**Task input**.
━━━━━━━━━━━━━━━━

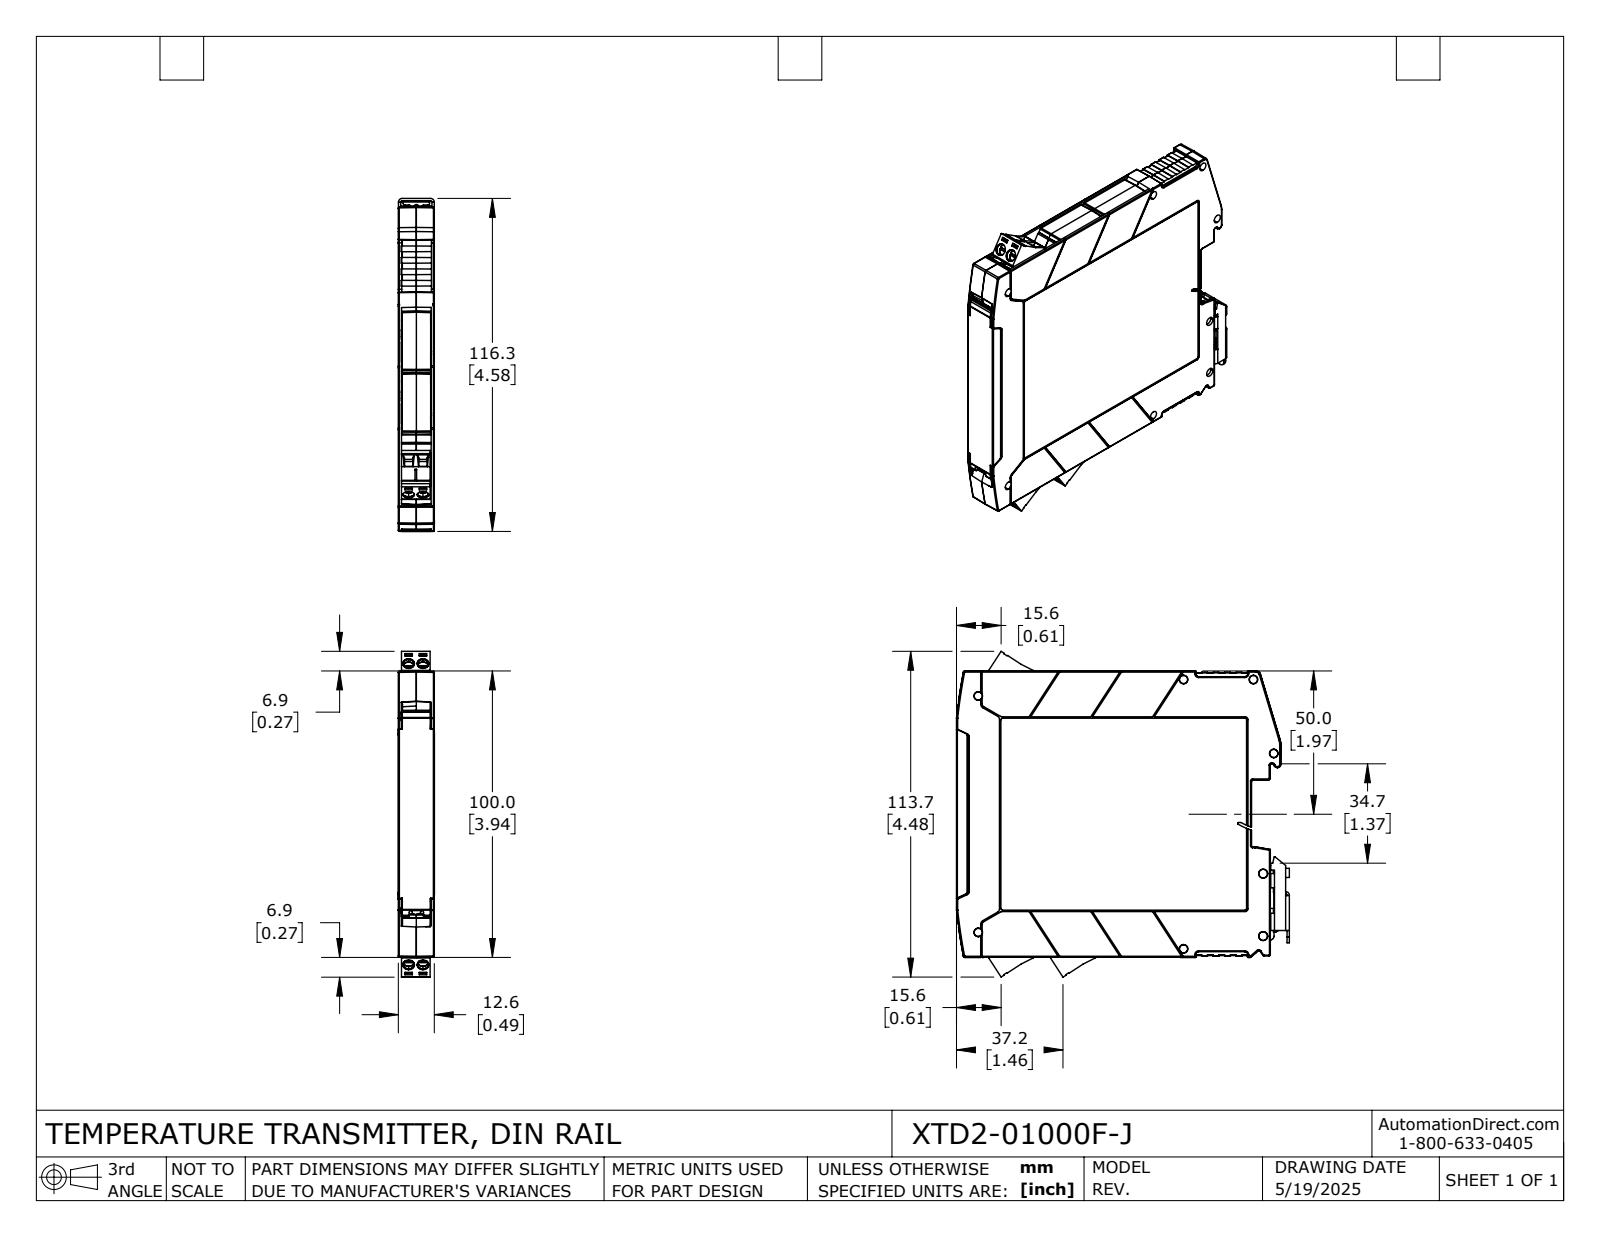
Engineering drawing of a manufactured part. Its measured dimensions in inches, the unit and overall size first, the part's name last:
Units: inches
Overall size (bounding box): 4.577 × 4.478 × 0.496
Round holes (diameter × count): ⌀0.063 ×6, ⌀0.11 ×6, ⌀0.152 ×6, ⌀0.159 ×6
Round bosses / shafts (diameter × count): ⌀0.156 ×6, ⌀0.098 ×6, ⌀0.059 ×2, ⌀0.053 ×2
Partial cylindrical surfaces — rounded edges, fillets, slot ends (radius × count): R0.008 ×89, R0.012 ×78, R0.02 ×71, R0.039 ×22, R0.004 ×20, R0.016 ×13, R0.006 ×12, R0.028 ×8
Main face-to-face distances: 0.049, 0.445, 0.494, 0.396, 0.043, 0.451, 0.402, 0.031, 0.198, 0.247
Hole centre spacings: 0.197, 0.464, 0.504, 0.713, 0.739
Volume: 2.41 in³ · Surface area: 101.5 in²
Bodies: 14 solids, 3337 faces (1910 planar, 596 cylindrical, 831 other)
Part name (STEP PRODUCT): XTD2-01000F-J
STEP written by: SolidWorks 2024 (AUTOMOTIVE_DESIGN)
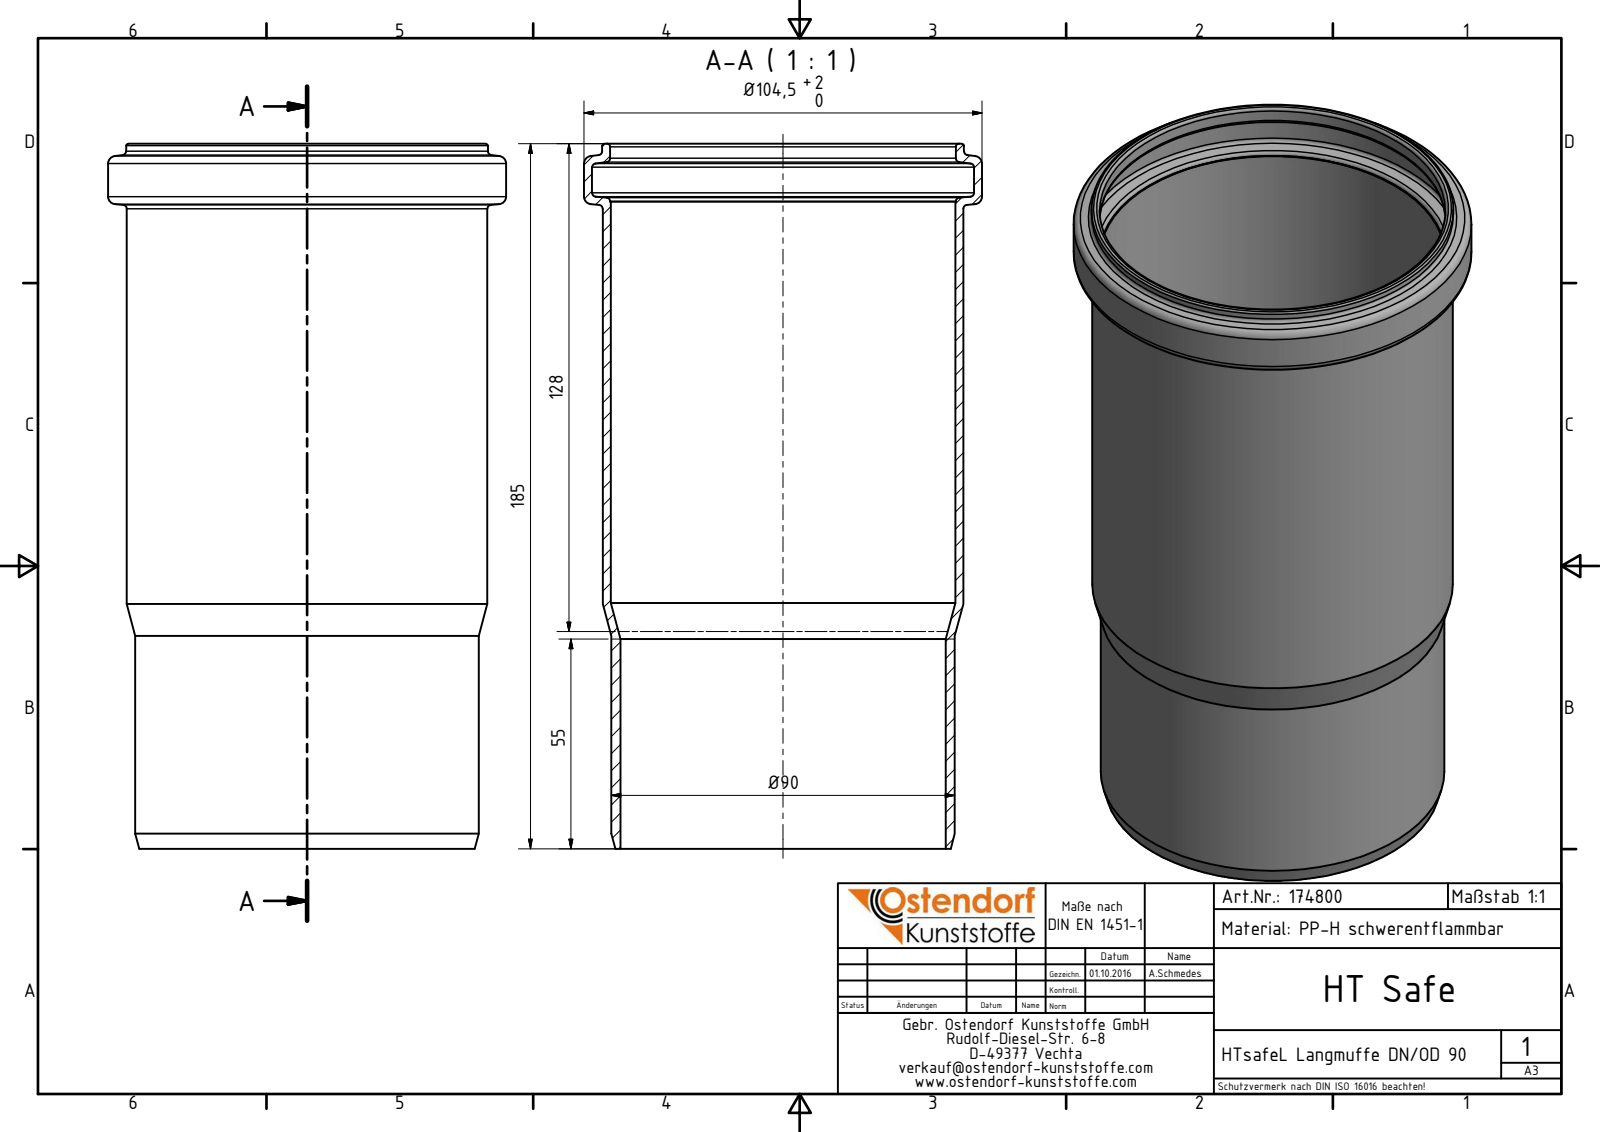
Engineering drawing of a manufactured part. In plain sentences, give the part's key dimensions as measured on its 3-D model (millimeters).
The part is named "174800 HTsafeL DN_OD 90". Its 3-D file was written by "Autodesk Inventor 2016 (AUTOMOTIVE_DESIGN)". It is 1 solid with 29 faces: 3 planar, 9 cylindrical and 17 other. Overall it measures 185 by 104.5 by 104.5 millimeters. Its volume is 121 177 cubic millimeters and its surface area 111 817 square millimeters. Round holes: 1 of diameter 85.4, 1 of diameter 90.5, 1 of diameter 90.8, 1 of diameter 100.3. Round bosses or shafts: 1 of diameter 104.5, 1 of diameter 95, 1 of diameter 94.7, 1 of diameter 90.2. The main face-to-face distances are 185, 169.79, 15.21.

━━━━━━━━━━━━━━━━

The output is the data above, repeated exactly, with pictures omitted.

**Solution for this problem**.
Engineering drawing of a manufactured part. Its measured dimensions in inches, the unit and overall size first, the part's name last:
Units: inches
Overall size (bounding box): 4.577 × 4.478 × 0.496
Round holes (diameter × count): ⌀0.063 ×6, ⌀0.11 ×6, ⌀0.152 ×6, ⌀0.159 ×6
Round bosses / shafts (diameter × count): ⌀0.156 ×6, ⌀0.098 ×6, ⌀0.059 ×2, ⌀0.053 ×2
Partial cylindrical surfaces — rounded edges, fillets, slot ends (radius × count): R0.008 ×89, R0.012 ×78, R0.02 ×71, R0.039 ×22, R0.004 ×20, R0.016 ×13, R0.006 ×12, R0.028 ×8
Main face-to-face distances: 0.049, 0.445, 0.494, 0.396, 0.043, 0.451, 0.402, 0.031, 0.198, 0.247
Hole centre spacings: 0.197, 0.464, 0.504, 0.713, 0.739
Volume: 2.41 in³ · Surface area: 101.5 in²
Bodies: 14 solids, 3337 faces (1910 planar, 596 cylindrical, 831 other)
Part name (STEP PRODUCT): XTD2-01000F-J
STEP written by: SolidWorks 2024 (AUTOMOTIVE_DESIGN)
Engineering drawing of a manufactured part. In plain sentences, give the part's key dimensions as measured on its 3-D model (millimeters).
The part is named "174800 HTsafeL DN_OD 90". Its 3-D file was written by "Autodesk Inventor 2016 (AUTOMOTIVE_DESIGN)". It is 1 solid with 29 faces: 3 planar, 9 cylindrical and 17 other. Overall it measures 185 by 104.5 by 104.5 millimeters. Its volume is 121 177 cubic millimeters and its surface area 111 817 square millimeters. Round holes: 1 of diameter 85.4, 1 of diameter 90.5, 1 of diameter 90.8, 1 of diameter 100.3. Round bosses or shafts: 1 of diameter 104.5, 1 of diameter 95, 1 of diameter 94.7, 1 of diameter 90.2. The main face-to-face distances are 185, 169.79, 15.21.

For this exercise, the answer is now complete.